Seventeen executives from U.S. energy behemoth Chevron Corp. (CVX) and offshore drilling giant Transocean Ltd. (RIG) have been barred from leaving Brazil pending an inquiry into an oil leak 74 miles off the coast of Rio de Janeiro in November.

The ruling by Judge Vlamir Costa Magalh?es requires the employees – that include the chief executives of Chevron and Transocean’s Brazilian units – to surrender their passports, while the investigation is underway. The companies are already facing lawsuit by a Brazilian federal prosecutor for R$20 billion ($10.6 billion) in damages.

The civil suit also seeks a court injunction to stop the companies’ operations in the country. Prior to that, Chevron was slapped with a fine of R$50 million ($28 million) by the country’s environmental regulator.

Chevron has already accepted full responsibility for the spill that began at its deepwater Frade field on November 7, about 230 miles from the beaches of Rio de Janeiro. The super-major’s multibillion-dollar Frade project in partnership with Brazil’s state-run energy giant Petrobras S.A. (PBR) and a Japanese consortium, was the South American nation’s eighth most productive field in September with a daily output of 75,000 barrels of oil.

Chevron estimates put the size of the leak at approximately 2,400 barrels, or 100,800 gallons before it was plugged. The company has acknowledged that it had miscalculated the pressure and rock strength in the exploratory well.

While the leak is relatively small compared to the 2010 deepwater Horizon rig disaster in the Gulf of Mexico (GoM) – that killed 11 workers and spewed more than 200 million gallons of crude – and as claimed by Chevron, was contained within four days without any impact on wildlife or coastal areas, it has rocked the company’s credibility in Brazil.

With Brazilian officials accusing Chevron and Transocean – operator of the rig at the Frade project – of being negligent and slow in reacting to the incident apart from a lack of planning and environmental management, the firms could be in line for some legal headaches.

Transocean, which owned and operated the Deepwater Horizon, is already struggling with its direct involvement in the GoM accident and the ensuing uncertainty regarding the company’s potential liability exposure.

However, we remain particularly concerned about Chevron and fear that the stock could experience a considerable pullback should the Brazilian prosecutors establish concrete criminal and environmental charges against the third-largest oil producer in the country behind Petrobras and Royal Dutch Shell plc (RDS.A).

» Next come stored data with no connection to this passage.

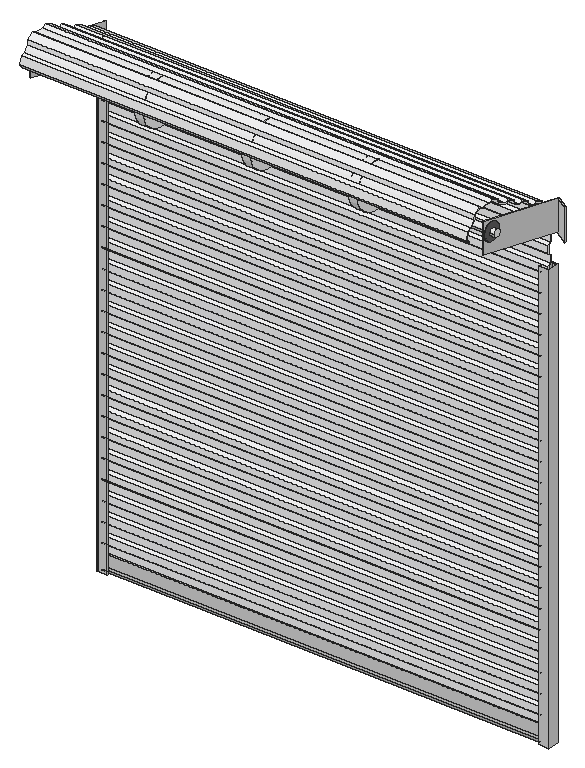
Revit family "Doors_Industrial_Wayne-Dalton_Roll-Up-Sheet-Mini-Storage-Doors-Model-DS-75_", category Specialty Equipment, host Wall, Revit 2019 (continued)
Definition of nested family "Top Slat"
  Lines and regions (in)
    symbolic lines
      curve 24: line (-40, -4.04848, 0) -> (40, -4.04848, 0)
    symbolic lines, visible <- "H2"
      curve 25: line (-40, 13.99447, 0) -> (40, 13.99447, 0)
      curve 26: line (-40, 13.05417, 0) -> (40, 13.05417, 0)
      curve 27: line (40, 13.15169, 0) -> (-40, 13.15169, 0)
      curve 28: line (-40, 11.86627, 0) -> (40, 11.86627, 0)
    symbolic lines, visible <- "H3"
      curve 29: line (40, 15.07359, 0) -> (-40, 15.07359, 0)
      curve 30: line (-40, 14.50531, 0) -> (40, 14.50531, 0)
      curve 31: line (-40, 14.35979, 0) -> (40, 14.35979, 0)
      curve 32: line (-40, 12.75531, 0) -> (40, 12.75531, 0)
      curve 33: line (-40, 12.60979, 0) -> (40, 12.60979, 0)
  Dimensions and locks (in)
    equal spacing: plane 4, plane 3 "Center (Left/Right)", plane 5
    "Opening Width": plane 4 to plane 5
    locked: curve 1 to curve 1 at 15
    locked: curve 2 to curve 2 at 15
    locked: curve 3 to curve 3 at 15
    "Offset 2": curve 2 to curve 1
    "Offset 1": curve 3 to curve 2
    "Primar Offset": curve 3 to level
    locked: level to curve 4 at 2.14106
    locked: Extrusion 2 sketch curve to Extrusion 2 sketch curve at 0.04825
    locked: plane 6 to plane 1 "Center (Front/Back)" at 4.39453
    "Headroom Width": plane 7 to plane 6
    locked: plane 7 to plane 8 at 1
    locked: Extrusion 3 sketch curve to Extrusion 3 sketch curve at 0.03956
    locked: Extrusion 3 sketch curve to Extrusion 3 sketch curve at 0.04  (x3)
    locked: Extrusion 4 sketch curve to Extrusion 4 sketch curve at 0.04825
    locked: Extrusion 4 sketch curve to Extrusion 4 sketch curve at 0.048
    locked: curve 4 to Extrusion 3 sketch curve at 0.00045
    locked: curve 4 to Extrusion 1 sketch curve at 0
    locked: curve 4 to Extrusion 1 sketch curve at 0.02514
    locked: curve 4 to Extrusion 2 sketch curve at 0
    locked: curve 4 to Extrusion 2 sketch curve at 0.0298
    locked: curve 4 to Extrusion 3 sketch curve at 0.0265
    locked: curve 4 to Extrusion 4 sketch curve at 0
    curve 4 to Extrusion 4 sketch curve = 0.03078"
    locked: Extrusion 5 sketch curve to Extrusion 5 sketch curve at 0.03956
    locked: Extrusion 5 sketch curve to Extrusion 5 sketch curve at 0.04  (x3)
    locked: Extrusion 6 sketch curve to Extrusion 6 sketch curve at 0.04825
    locked: Extrusion 6 sketch curve to Extrusion 6 sketch curve at 0.048
    locked: curve 4 to Extrusion 5 sketch curve at 0.00045
    locked: curve 4 to Extrusion 5 sketch curve at 0.0265
    locked: curve 4 to Extrusion 6 sketch curve at 0
    locked: curve 4 to Extrusion 6 sketch curve at 0.03123
    aligned and locked: plane 2 to level
    aligned and locked: plane 4 to Extrusion 1
    aligned and locked: plane 5 to Extrusion 1
    aligned and locked: plane 1 "Center (Front/Back)" to curve 1
    aligned and locked: plane 1 "Center (Front/Back)" to curve 2
    aligned and locked: plane 1 "Center (Front/Back)" to curve 3
    aligned and locked: curve 1 to Extrusion 1 sketch curve
    aligned and locked: plane 4 to Extrusion 2
    aligned and locked: plane 5 to Extrusion 2
    aligned and locked: Extrusion 2 sketch curve to Extrusion 2 sketch curve  (x4)
    aligned and locked: Masking region 1 sketch curve to plane 4
    aligned and locked: plane 5 to Masking region 1 sketch curve
    aligned and locked: curve 1 to Extrusion 2 sketch curve
    aligned and locked: curve 5 to plane 1 "Center (Front/Back)"
    aligned and locked: level to curve 5
    aligned and locked: plane 8 to Masking region 1 sketch curve
    aligned and locked: Masking region 1 sketch curve to plane 6
    aligned and locked: Extrusion 1 sketch curve to Extrusion 1 sketch curve  (x2)
    aligned and locked: Extrusion 4 sketch curve to Extrusion 4 sketch curve  (x4)
    aligned and locked: Extrusion 3 sketch curve to Extrusion 3 sketch curve  (x4)
    aligned and locked: curve 1 to Extrusion 3 sketch curve
    aligned and locked: curve 1 to Extrusion 4 sketch curve
    aligned and locked: plane 4 to curve 6
    aligned and locked: plane 4 to curve 7
    aligned and locked: plane 4 to curve 8
    aligned and locked: plane 4 to curve 9
    aligned and locked: plane 4 to curve 10
    aligned and locked: plane 4 to curve 11
    aligned and locked: plane 4 to curve 13
    aligned and locked: plane 4 to curve 12
    aligned and locked: plane 4 to curve 14
    aligned and locked: plane 4 to curve 15
    aligned and locked: plane 4 to curve 17
    aligned and locked: plane 4 to curve 16
    aligned and locked: plane 4 to curve 18
    aligned and locked: plane 4 to curve 20
    aligned and locked: plane 4 to curve 21
    aligned and locked: plane 4 to curve 22
    aligned and locked: plane 4 to curve 23
    aligned and locked: plane 4 to curve 24
    aligned and locked: plane 5 to curve 6
    aligned and locked: plane 5 to curve 7
    aligned and locked: plane 5 to curve 8
    aligned and locked: plane 5 to curve 9
    aligned and locked: plane 5 to curve 10
    aligned and locked: plane 5 to curve 11
    aligned and locked: plane 5 to curve 13
    aligned and locked: plane 5 to curve 12
    aligned and locked: plane 5 to curve 14
    aligned and locked: plane 5 to curve 15
    aligned and locked: plane 5 to curve 17
    aligned and locked: plane 5 to curve 16
    aligned and locked: plane 5 to curve 18
    aligned and locked: plane 5 to curve 19
    aligned and locked: plane 5 to curve 20
    aligned and locked: plane 5 to curve 21
    aligned and locked: plane 5 to curve 22
    aligned and locked: plane 5 to curve 23
    aligned and locked: plane 5 to curve 24
    aligned and locked: plane 4 to curve 28
    aligned and locked: plane 4 to curve 27
    aligned and locked: plane 4 to curve 26
    aligned and locked: plane 4 to curve 25
    aligned and locked: plane 5 to curve 25
    aligned and locked: plane 5 to curve 27
    aligned and locked: plane 5 to curve 26
    aligned and locked: plane 5 to curve 28
    aligned and locked: Extrusion 6 sketch curve to Extrusion 6 sketch curve  (x2)
    aligned and locked: Extrusion 5 sketch curve to Extrusion 5 sketch curve  (x4)
    aligned and locked: curve 1 to Extrusion 5 sketch curve
    aligned and locked: curve 1 to Extrusion 6 sketch curve
    aligned and locked: plane 4 to curve 29
    aligned and locked: plane 4 to curve 31
    aligned and locked: plane 4 to curve 30
    aligned and locked: plane 5 to curve 29
    aligned and locked: plane 5 to curve 31
    aligned and locked: plane 5 to curve 30
    aligned and locked: plane 4 to curve 33
    aligned and locked: plane 4 to curve 32
    aligned and locked: plane 5 to curve 33
    aligned and locked: plane 5 to curve 32
    aligned and locked: plane 4 to Extrusion 6
    aligned and locked: plane 5 to Extrusion 6
    aligned and locked: plane 4 to Extrusion 4
    aligned and locked: plane 5 to Extrusion 4
    aligned and locked: plane 4 to Extrusion 5
    aligned and locked: plane 5 to Extrusion 5
    aligned and locked: plane 4 to Extrusion 3
    aligned and locked: plane 5 to Extrusion 3
  Automatic sketch dimensions
    Extrusion 1 sketch curve to Extrusion 1 sketch curve = 0"  (x12)
    Extrusion 1 sketch curve to curve 5 = 0"  (x2)
    Extrusion 1 sketch curve to Extrusion 1 sketch curve = 0.56497"
    Extrusion 1 sketch curve to Extrusion 1 sketch curve = 0.0272"  (x6)
    Extrusion 1 sketch curve to Extrusion 1 sketch curve = 0.64574"
    Extrusion 1 sketch curve to curve 5 = 0.68277"
    Extrusion 1 sketch curve to Extrusion 1 sketch curve = 0.04488"  (x5)
    Extrusion 1 sketch curve to curve 5 = 0.3569"
    Extrusion 1 sketch curve to curve 5 = 0.32769"
    Extrusion 1 sketch curve to Extrusion 1 sketch curve = 0.01699"
    Extrusion 1 sketch curve to curve 5 = 0.12471"
    curve 5 to Extrusion 1 sketch curve = 0.19682"
    Extrusion 1 sketch curve to Extrusion 1 sketch curve = 0.01215"
    curve 5 to Extrusion 1 sketch curve = 0.55172"
    curve 5 to Extrusion 1 sketch curve = 0.7721"
    Extrusion 1 sketch curve to Extrusion 1 sketch curve = 0.28098"
    Extrusion 1 sketch curve to Extrusion 1 sketch curve = 0.51318"
    Extrusion 1 sketch curve to Extrusion 1 sketch curve = 1.23493"
    Extrusion 1 sketch curve to Extrusion 1 sketch curve = 0.02782"
    Extrusion 1 sketch curve to Extrusion 1 sketch curve = 0.29567"
    Extrusion 1 sketch curve to Extrusion 1 sketch curve = 0.0306"
    Extrusion 1 sketch curve to Extrusion 1 sketch curve = 0.64923"
    Extrusion 1 sketch curve to Extrusion 1 sketch curve = 0.20776"
    Extrusion 1 sketch curve to Extrusion 1 sketch curve = 0.04464"
    Extrusion 1 sketch curve to Extrusion 1 sketch curve = 0.29385"
    Extrusion 1 sketch curve to Extrusion 1 sketch curve = 0.89389"
    Extrusion 1 sketch curve to Extrusion 1 sketch curve = 0.01825"
    Extrusion 1 sketch curve to Extrusion 1 sketch curve = 0.62408"
    Extrusion 1 sketch curve to Extrusion 1 sketch curve = 0.02793"  (x2)
    Extrusion 1 sketch curve to Extrusion 1 sketch curve = 0.68424"
    Extrusion 1 sketch curve to Extrusion 1 sketch curve = 0.02485"
    Extrusion 1 sketch curve to Extrusion 1 sketch curve = 0.66535"
    Extrusion 1 sketch curve to curve 5 = 0.8781"
    Extrusion 1 sketch curve to Extrusion 1 sketch curve = 0.32341"
    Extrusion 1 sketch curve to curve 5 = 0.87393"
    Extrusion 1 sketch curve to Extrusion 1 sketch curve = 0.04208"
    curve 5 to Extrusion 1 sketch curve = 0.56257"
    curve 5 to Extrusion 1 sketch curve = 0.55484"
    Extrusion 1 sketch curve to Extrusion 1 sketch curve = 0.25252"
    Extrusion 1 sketch curve to Extrusion 1 sketch curve = 0.04485"  (x2)
    Extrusion 1 sketch curve to Extrusion 1 sketch curve = 0.30641"
    Extrusion 1 sketch curve to Extrusion 1 sketch curve = 0.62143"
    Extrusion 1 sketch curve to Extrusion 1 sketch curve = 0.00194"
    Extrusion 1 sketch curve to Extrusion 1 sketch curve = 1.14573"
    Extrusion 1 sketch curve to Extrusion 1 sketch curve = 9/256"  (x2)
    Extrusion 1 sketch curve to Extrusion 1 sketch curve = 0.14076"
    Extrusion 1 sketch curve to Extrusion 1 sketch curve = 1.42922"
    Extrusion 1 sketch curve to Extrusion 1 sketch curve = 0.00147"
    Extrusion 1 sketch curve to Extrusion 1 sketch curve = 0.62927"
    Extrusion 1 sketch curve to Extrusion 1 sketch curve = 0.00101"  (x5)
    Extrusion 1 sketch curve to Extrusion 1 sketch curve = 1.13468"
    Extrusion 1 sketch curve to Extrusion 1 sketch curve = 0.03571"  (x6)
    Extrusion 1 sketch curve to Extrusion 1 sketch curve = 0.12285"
    Extrusion 1 sketch curve to curve 5 = 6.97507"
    Extrusion 1 sketch curve to Extrusion 1 sketch curve = 0.60537"
    Extrusion 1 sketch curve to curve 5 = 8.71613"
    Extrusion 1 sketch curve to Extrusion 1 sketch curve = 0.12221"
    Extrusion 1 sketch curve to Extrusion 1 sketch curve = 1.17357"
    Extrusion 1 sketch curve to Extrusion 1 sketch curve = 0.04"
    Extrusion 1 sketch curve to Extrusion 1 sketch curve = 0.64734"
    Extrusion 1 sketch curve to Extrusion 1 sketch curve = 0.00187"
    Extrusion 1 sketch curve to Extrusion 1 sketch curve = 1.09725"
    Extrusion 1 sketch curve to Extrusion 1 sketch curve = 0.03739"
    Extrusion 1 sketch curve to Extrusion 1 sketch curve = 0.08141"
    Extrusion 1 sketch curve to Extrusion 1 sketch curve = 0.03815"
    curve 5 to Extrusion 1 sketch curve = 3.78025"
    Extrusion 1 sketch curve to Extrusion 1 sketch curve = 0.03876"
    Extrusion 1 sketch curve to Extrusion 1 sketch curve = 0.61348"
    Extrusion 1 sketch curve to Extrusion 1 sketch curve = 0.03523"
    curve 5 to Extrusion 1 sketch curve = 4.25989"
    Extrusion 1 sketch curve to Extrusion 1 sketch curve = 0.04322"
    level to curve 5 = 5 3/4"
    curve 4 to plane 1 "Center (Front/Back)" = 11.033"
    curve 4 to curve 4 = 2 1/2"
    Extrusion 4 sketch curve to Extrusion 4 sketch curve = 0"  (x65)
    Extrusion 4 sketch curve to Extrusion 4 sketch curve = 0.32225"
    Extrusion 4 sketch curve to Extrusion 4 sketch curve = 0.06012"  (x4)
    Extrusion 4 sketch curve to Extrusion 4 sketch curve = 0.07517"  (x4)
    Extrusion 4 sketch curve to Extrusion 4 sketch curve = 0.08333"  (x3)
    Extrusion 4 sketch curve to Extrusion 4 sketch curve = 0.57278"  (x3)
    Extrusion 4 sketch curve to Extrusion 4 sketch curve = 0.02213"  (x2)
    Extrusion 4 sketch curve to Extrusion 4 sketch curve = 0.02726"  (x2)
    Extrusion 4 sketch curve to curve 5 = 0.6899"
    Extrusion 4 sketch curve to Extrusion 4 sketch curve = 0.04171"
    Extrusion 4 sketch curve to Extrusion 4 sketch curve = 0.1473"
    Extrusion 4 sketch curve to curve 5 = 0.47706"
    Extrusion 4 sketch curve to curve 5 = 0.25844"
    curve 5 to Extrusion 4 sketch curve = 0.25167"
    curve 5 to Extrusion 4 sketch curve = 0.31434"
    curve 5 to Extrusion 4 sketch curve = 0.47214"
    curve 5 to Extrusion 4 sketch curve = 0.87639"
    Extrusion 4 sketch curve to curve 5 = 0.21948"
    Extrusion 4 sketch curve to Extrusion 4 sketch curve = 0.52428"
    Extrusion 4 sketch curve to Extrusion 4 sketch curve = 0.78914"
    curve 5 to Extrusion 4 sketch curve = 1.42761"
    Extrusion 4 sketch curve to Extrusion 4 sketch curve = 0.04685"  (x2)
    Extrusion 4 sketch curve to Extrusion 4 sketch curve = 0.02465"
    Extrusion 4 sketch curve to Extrusion 4 sketch curve = 0.54359"
    Extrusion 4 sketch curve to Extrusion 4 sketch curve = 1.72645"
    Extrusion 4 sketch curve to Extrusion 4 sketch curve = 0.2369"
    curve 5 to Extrusion 4 sketch curve = 0.89292"
    Extrusion 4 sketch curve to curve 5 = 2.14049"
    Extrusion 4 sketch curve to Extrusion 4 sketch curve = 0.00006"  (x2)
    Extrusion 4 sketch curve to Extrusion 4 sketch curve = 0.67367"
    Extrusion 4 sketch curve to Extrusion 4 sketch curve = 0.07679"
    Extrusion 4 sketch curve to Extrusion 4 sketch curve = 0.0002"
    curve 5 to Extrusion 4 sketch curve = 0.20782"
    Extrusion 4 sketch curve to Extrusion 4 sketch curve = 0.44787"
    Extrusion 4 sketch curve to Extrusion 4 sketch curve = 0.00003"
    Extrusion 4 sketch curve to Extrusion 4 sketch curve = 0.00002"
    Extrusion 4 sketch curve to Extrusion 4 sketch curve = 0.8149"
    Extrusion 4 sketch curve to curve 5 = 1.70852"
    Extrusion 4 sketch curve to Extrusion 4 sketch curve = 1.59541"
    Extrusion 4 sketch curve to Extrusion 4 sketch curve = 0.58475"  (x3)
    Extrusion 4 sketch curve to Extrusion 4 sketch curve = 0.81429"  (x2)
    Extrusion 4 sketch curve to Extrusion 4 sketch curve = 0.12675"  (x4)
    Extrusion 4 sketch curve to Extrusion 4 sketch curve = 0.01454"
    Extrusion 4 sketch curve to Extrusion 4 sketch curve = 1.1591"
    Extrusion 4 sketch curve to Extrusion 4 sketch curve = 0.06107"
    Extrusion 4 sketch curve to Extrusion 4 sketch curve = 0.12885"
    Extrusion 4 sketch curve to Extrusion 4 sketch curve = 0.13884"  (x2)
    Extrusion 4 sketch curve to curve 5 = 9.66331"
    curve 5 to Extrusion 4 sketch curve = 0.9045"
    Extrusion 4 sketch curve to curve 5 = 1.72614"
    Extrusion 4 sketch curve to Extrusion 4 sketch curve = 0.46495"
    Extrusion 4 sketch curve to Extrusion 4 sketch curve = 0.78351"
    curve 5 to Extrusion 4 sketch curve = 3.70979"
    Extrusion 4 sketch curve to Extrusion 4 sketch curve = 0.21738"
    curve 5 to Extrusion 4 sketch curve = 3.98138"
    Extrusion 4 sketch curve to Extrusion 4 sketch curve = 0.04611"
    Extrusion 4 sketch curve to Extrusion 4 sketch curve = 0.00428"
    Extrusion 4 sketch curve to Extrusion 4 sketch curve = 0.14729"
    Extrusion 4 sketch curve to Extrusion 4 sketch curve = 0.03776"
    Extrusion 4 sketch curve to Extrusion 4 sketch curve = 0.15976"
    Extrusion 4 sketch curve to Extrusion 4 sketch curve = 0.06672"
    Extrusion 4 sketch curve to Extrusion 4 sketch curve = 0.0151"
    Extrusion 4 sketch curve to Extrusion 4 sketch curve = 0.08442"
    Extrusion 4 sketch curve to Extrusion 4 sketch curve = 0.05052"
    Extrusion 4 sketch curve to Extrusion 4 sketch curve = 9/128"
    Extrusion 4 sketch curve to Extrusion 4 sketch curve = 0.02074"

To add to Chevron’s woes, a new leak was detected last week in the Frade field, prompting the company to halt operations temporarily. Brazil’s local oil regulator – Agencia Nacional do Petroleo or ANP – has formed a committee to examine the oil sheen.

Though the area offshore Brazil is not a major part of Chevron’s upstream portfolio and accounts for just 2-3% of its global assets as against 17% for Australia and 21% for the U.S. Gulf of Mexico, in recent times the company has invested heavily in the development of deepwater fields in the South American nation.

Brazilhas huge pre-salt reservoirs (oil deposits located in the sea bed under thick layers of salt) that lie below the Esp?rito Santo, Campos and Santos basins in deep and ultra-deep water. These reserves, estimated to hold upwards of 50 billion barrels, are widely thought to be the most important oil find in recent years.

As such, any decision by the authorities that impacts Chevron’s ability to further drill and explore for oil in Brazil will surely hurt the company’s hopes for a significant toehold in the strategically important country’s offshore riches.

In particular, as access to new energy resources becomes more difficult, Chevron, like most of its peers, will face headwinds to replace its reserve base. Given its large base, achieving growth in oil and natural gas production has been a challenge for the company over the last many years. With the established oil producing regions of Europe and North America well beyond their prime, the search for growth has pushed Chevron into riskier regions like Brazil.

Both Chevron and Transocean shares currently retain a Zacks #3 Rank, which translates into a short-term ‘Hold’ rating. Longer-term, we are maintaining our Neutral recommendation on the companies.